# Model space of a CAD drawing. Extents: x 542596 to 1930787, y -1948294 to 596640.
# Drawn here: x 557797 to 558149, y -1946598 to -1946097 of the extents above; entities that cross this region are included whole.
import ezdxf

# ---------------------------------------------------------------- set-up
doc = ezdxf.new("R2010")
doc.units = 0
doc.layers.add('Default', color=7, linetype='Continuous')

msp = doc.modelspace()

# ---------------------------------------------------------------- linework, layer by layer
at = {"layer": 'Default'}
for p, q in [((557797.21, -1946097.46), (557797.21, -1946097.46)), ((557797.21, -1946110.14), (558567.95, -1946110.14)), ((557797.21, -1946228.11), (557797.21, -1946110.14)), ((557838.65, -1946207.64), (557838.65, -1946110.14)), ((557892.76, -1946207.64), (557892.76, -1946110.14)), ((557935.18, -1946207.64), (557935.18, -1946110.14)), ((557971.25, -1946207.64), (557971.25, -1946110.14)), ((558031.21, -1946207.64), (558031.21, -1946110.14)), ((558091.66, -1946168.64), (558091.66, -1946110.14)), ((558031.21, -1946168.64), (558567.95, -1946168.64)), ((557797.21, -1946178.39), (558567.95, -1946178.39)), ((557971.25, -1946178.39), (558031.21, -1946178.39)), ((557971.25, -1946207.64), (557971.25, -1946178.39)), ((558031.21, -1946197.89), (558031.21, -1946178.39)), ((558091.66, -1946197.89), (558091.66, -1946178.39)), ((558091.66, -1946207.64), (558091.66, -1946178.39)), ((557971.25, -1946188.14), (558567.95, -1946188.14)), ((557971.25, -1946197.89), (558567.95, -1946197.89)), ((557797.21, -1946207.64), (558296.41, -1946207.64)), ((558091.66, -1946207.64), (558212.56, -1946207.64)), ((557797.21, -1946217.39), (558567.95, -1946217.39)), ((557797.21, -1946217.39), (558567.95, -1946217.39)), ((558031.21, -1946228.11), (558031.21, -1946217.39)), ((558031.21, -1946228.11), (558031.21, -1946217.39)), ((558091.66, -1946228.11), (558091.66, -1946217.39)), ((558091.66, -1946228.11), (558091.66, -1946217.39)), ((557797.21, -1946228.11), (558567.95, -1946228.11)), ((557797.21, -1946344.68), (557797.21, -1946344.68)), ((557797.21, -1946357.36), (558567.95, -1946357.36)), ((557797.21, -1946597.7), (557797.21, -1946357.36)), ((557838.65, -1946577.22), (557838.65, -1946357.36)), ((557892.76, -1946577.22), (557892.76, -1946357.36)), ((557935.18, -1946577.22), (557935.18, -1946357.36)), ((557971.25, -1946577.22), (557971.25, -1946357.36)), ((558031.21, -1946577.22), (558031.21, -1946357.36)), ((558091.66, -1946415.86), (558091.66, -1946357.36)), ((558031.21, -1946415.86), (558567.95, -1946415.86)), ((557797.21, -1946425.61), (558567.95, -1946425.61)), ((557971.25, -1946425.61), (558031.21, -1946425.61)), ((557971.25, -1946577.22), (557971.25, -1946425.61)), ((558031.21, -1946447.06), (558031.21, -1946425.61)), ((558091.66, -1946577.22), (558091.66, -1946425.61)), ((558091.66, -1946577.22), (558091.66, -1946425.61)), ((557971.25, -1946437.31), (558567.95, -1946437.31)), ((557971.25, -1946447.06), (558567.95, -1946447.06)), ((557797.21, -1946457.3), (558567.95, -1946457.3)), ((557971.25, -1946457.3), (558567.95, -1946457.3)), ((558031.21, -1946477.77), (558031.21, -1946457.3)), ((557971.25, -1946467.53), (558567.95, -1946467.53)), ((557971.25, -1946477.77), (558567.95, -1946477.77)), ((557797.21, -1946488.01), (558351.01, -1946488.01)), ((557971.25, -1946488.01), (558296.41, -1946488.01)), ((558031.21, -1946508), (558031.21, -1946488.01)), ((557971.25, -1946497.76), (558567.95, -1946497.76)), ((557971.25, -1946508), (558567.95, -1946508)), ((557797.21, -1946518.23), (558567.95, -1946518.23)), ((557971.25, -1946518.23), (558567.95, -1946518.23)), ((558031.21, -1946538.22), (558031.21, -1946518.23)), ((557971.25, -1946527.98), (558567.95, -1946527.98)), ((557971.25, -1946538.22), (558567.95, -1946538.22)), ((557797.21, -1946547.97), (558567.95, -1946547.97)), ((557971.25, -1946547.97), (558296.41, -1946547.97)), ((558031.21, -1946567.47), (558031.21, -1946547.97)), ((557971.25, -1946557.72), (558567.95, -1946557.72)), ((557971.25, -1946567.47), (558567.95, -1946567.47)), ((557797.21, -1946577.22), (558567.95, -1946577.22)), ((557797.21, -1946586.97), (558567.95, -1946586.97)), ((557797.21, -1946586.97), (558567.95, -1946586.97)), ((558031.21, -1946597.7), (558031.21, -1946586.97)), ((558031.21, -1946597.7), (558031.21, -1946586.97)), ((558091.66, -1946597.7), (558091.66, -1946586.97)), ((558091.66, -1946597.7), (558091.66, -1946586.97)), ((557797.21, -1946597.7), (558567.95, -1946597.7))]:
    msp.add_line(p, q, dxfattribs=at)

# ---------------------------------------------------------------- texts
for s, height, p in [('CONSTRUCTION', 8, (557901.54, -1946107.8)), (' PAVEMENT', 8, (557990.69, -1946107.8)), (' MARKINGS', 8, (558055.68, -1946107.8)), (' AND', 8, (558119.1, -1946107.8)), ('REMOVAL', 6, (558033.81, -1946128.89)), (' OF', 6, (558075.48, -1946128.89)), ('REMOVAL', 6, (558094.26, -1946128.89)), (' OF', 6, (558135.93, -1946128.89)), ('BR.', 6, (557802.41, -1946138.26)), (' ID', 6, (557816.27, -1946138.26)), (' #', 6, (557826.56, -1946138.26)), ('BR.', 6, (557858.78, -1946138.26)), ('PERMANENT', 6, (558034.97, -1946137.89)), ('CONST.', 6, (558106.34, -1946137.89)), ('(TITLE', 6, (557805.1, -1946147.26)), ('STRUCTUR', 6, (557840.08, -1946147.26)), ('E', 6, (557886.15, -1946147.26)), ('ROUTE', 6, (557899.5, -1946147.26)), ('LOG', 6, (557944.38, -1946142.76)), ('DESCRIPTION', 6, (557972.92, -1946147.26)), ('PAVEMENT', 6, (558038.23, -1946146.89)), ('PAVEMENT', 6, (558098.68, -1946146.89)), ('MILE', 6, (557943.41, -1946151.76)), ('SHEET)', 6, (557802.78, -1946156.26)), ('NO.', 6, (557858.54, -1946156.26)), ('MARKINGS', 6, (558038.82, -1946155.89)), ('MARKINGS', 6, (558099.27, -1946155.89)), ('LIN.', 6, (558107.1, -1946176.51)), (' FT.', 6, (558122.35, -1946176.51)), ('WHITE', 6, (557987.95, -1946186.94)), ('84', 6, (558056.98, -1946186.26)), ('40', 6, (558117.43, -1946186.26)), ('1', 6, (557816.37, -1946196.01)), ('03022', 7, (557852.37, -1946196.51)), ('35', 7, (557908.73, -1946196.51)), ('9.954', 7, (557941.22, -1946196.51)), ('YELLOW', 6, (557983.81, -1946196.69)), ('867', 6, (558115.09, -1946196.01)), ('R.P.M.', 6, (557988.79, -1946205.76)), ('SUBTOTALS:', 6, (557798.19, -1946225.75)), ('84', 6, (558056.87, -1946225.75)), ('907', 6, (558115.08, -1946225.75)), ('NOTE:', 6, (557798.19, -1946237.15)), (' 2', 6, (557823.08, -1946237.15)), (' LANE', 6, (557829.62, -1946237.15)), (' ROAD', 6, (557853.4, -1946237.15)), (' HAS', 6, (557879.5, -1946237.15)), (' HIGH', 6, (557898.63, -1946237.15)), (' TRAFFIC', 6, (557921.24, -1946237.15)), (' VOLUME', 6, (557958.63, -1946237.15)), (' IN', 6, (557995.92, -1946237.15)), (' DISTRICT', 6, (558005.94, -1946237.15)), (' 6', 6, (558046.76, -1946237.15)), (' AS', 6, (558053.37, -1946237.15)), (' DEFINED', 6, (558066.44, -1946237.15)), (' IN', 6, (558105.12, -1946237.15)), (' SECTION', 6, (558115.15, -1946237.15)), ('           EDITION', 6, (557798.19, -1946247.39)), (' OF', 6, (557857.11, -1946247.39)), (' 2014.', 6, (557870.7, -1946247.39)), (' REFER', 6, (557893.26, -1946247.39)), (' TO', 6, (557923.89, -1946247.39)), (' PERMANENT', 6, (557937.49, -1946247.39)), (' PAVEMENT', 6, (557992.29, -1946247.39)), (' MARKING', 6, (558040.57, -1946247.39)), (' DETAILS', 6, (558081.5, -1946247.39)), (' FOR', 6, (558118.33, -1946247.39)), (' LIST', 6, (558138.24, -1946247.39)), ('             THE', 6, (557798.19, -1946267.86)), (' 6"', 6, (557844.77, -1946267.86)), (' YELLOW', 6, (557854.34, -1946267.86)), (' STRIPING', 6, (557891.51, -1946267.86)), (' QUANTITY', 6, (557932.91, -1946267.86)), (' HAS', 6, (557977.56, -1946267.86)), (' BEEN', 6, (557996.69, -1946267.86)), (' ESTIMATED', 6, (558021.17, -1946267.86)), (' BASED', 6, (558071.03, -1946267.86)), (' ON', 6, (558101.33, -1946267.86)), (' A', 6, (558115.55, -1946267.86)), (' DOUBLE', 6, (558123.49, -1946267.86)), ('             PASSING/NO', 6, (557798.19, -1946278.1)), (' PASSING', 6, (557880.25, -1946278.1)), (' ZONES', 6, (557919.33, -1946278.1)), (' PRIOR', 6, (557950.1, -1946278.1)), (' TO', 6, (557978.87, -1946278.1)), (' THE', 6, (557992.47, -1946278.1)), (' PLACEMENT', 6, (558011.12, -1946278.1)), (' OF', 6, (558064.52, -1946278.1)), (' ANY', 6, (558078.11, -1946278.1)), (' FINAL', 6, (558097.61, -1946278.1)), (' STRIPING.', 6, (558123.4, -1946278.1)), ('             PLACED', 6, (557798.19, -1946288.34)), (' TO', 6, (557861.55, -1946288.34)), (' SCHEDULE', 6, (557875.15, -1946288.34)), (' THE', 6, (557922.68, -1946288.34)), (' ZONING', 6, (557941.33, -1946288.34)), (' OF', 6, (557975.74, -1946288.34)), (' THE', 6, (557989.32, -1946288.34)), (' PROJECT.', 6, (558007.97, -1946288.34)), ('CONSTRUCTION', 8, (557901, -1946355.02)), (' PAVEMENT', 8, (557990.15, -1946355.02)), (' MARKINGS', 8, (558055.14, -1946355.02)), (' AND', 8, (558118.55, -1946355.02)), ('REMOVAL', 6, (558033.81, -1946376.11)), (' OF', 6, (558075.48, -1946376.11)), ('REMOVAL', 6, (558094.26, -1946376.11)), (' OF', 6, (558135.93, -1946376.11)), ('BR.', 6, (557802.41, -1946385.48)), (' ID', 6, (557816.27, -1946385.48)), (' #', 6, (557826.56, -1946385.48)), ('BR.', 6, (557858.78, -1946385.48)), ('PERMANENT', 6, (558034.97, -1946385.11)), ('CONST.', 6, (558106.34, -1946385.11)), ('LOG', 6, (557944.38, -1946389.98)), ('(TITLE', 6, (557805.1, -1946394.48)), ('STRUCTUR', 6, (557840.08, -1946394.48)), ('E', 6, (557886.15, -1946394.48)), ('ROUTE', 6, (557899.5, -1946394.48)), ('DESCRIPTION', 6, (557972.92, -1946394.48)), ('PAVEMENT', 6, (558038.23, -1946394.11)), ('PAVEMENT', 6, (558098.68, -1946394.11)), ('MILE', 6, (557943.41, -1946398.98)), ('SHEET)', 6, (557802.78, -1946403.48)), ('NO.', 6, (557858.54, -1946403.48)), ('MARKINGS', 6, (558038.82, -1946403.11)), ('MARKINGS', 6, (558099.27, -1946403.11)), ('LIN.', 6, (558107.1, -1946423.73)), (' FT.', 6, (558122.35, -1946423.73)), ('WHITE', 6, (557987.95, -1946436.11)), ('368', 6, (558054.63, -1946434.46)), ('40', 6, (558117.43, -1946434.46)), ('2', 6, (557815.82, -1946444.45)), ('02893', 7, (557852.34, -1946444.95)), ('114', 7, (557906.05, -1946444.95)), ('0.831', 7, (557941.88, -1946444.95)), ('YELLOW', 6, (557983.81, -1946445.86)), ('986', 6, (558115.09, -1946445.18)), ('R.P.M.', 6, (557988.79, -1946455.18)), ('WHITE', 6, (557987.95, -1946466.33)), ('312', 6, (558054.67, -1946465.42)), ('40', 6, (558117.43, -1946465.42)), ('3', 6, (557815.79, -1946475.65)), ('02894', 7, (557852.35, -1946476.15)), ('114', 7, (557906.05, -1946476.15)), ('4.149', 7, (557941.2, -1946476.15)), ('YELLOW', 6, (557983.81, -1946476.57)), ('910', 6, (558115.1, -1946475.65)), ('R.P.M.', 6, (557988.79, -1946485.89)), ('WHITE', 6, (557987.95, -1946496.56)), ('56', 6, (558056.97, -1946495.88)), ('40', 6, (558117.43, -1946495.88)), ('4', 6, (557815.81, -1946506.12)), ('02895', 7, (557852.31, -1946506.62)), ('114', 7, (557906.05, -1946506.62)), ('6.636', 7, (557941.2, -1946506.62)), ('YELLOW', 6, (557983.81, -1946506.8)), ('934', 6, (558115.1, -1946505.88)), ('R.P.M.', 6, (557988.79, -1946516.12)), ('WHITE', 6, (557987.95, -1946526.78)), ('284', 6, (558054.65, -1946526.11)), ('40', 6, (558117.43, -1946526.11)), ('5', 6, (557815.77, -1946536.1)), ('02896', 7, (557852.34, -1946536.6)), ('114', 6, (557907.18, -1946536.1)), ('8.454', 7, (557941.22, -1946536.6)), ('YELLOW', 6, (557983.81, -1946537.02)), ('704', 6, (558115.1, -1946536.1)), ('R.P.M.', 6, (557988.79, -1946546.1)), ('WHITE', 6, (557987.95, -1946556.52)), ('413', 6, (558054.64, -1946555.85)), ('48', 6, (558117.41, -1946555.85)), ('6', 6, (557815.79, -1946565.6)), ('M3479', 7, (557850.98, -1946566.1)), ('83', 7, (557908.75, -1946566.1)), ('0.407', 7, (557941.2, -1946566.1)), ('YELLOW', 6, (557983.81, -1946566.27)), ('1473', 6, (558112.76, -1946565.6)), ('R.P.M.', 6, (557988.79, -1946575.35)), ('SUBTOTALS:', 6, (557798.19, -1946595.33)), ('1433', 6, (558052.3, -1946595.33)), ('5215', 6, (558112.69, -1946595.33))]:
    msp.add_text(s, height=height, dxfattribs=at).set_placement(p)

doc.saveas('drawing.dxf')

☆ ☆ ☆ ☆ ☆ ☆ ☆

Exercise
Only the lines from the one containing "msp.add_text(s, height=height, dxfattribs=at).set_placement(p)" to the end of the listing belong in the output, each reproduced exactly.

Problem solution
    msp.add_text(s, height=height, dxfattribs=at).set_placement(p)

doc.saveas('drawing.dxf')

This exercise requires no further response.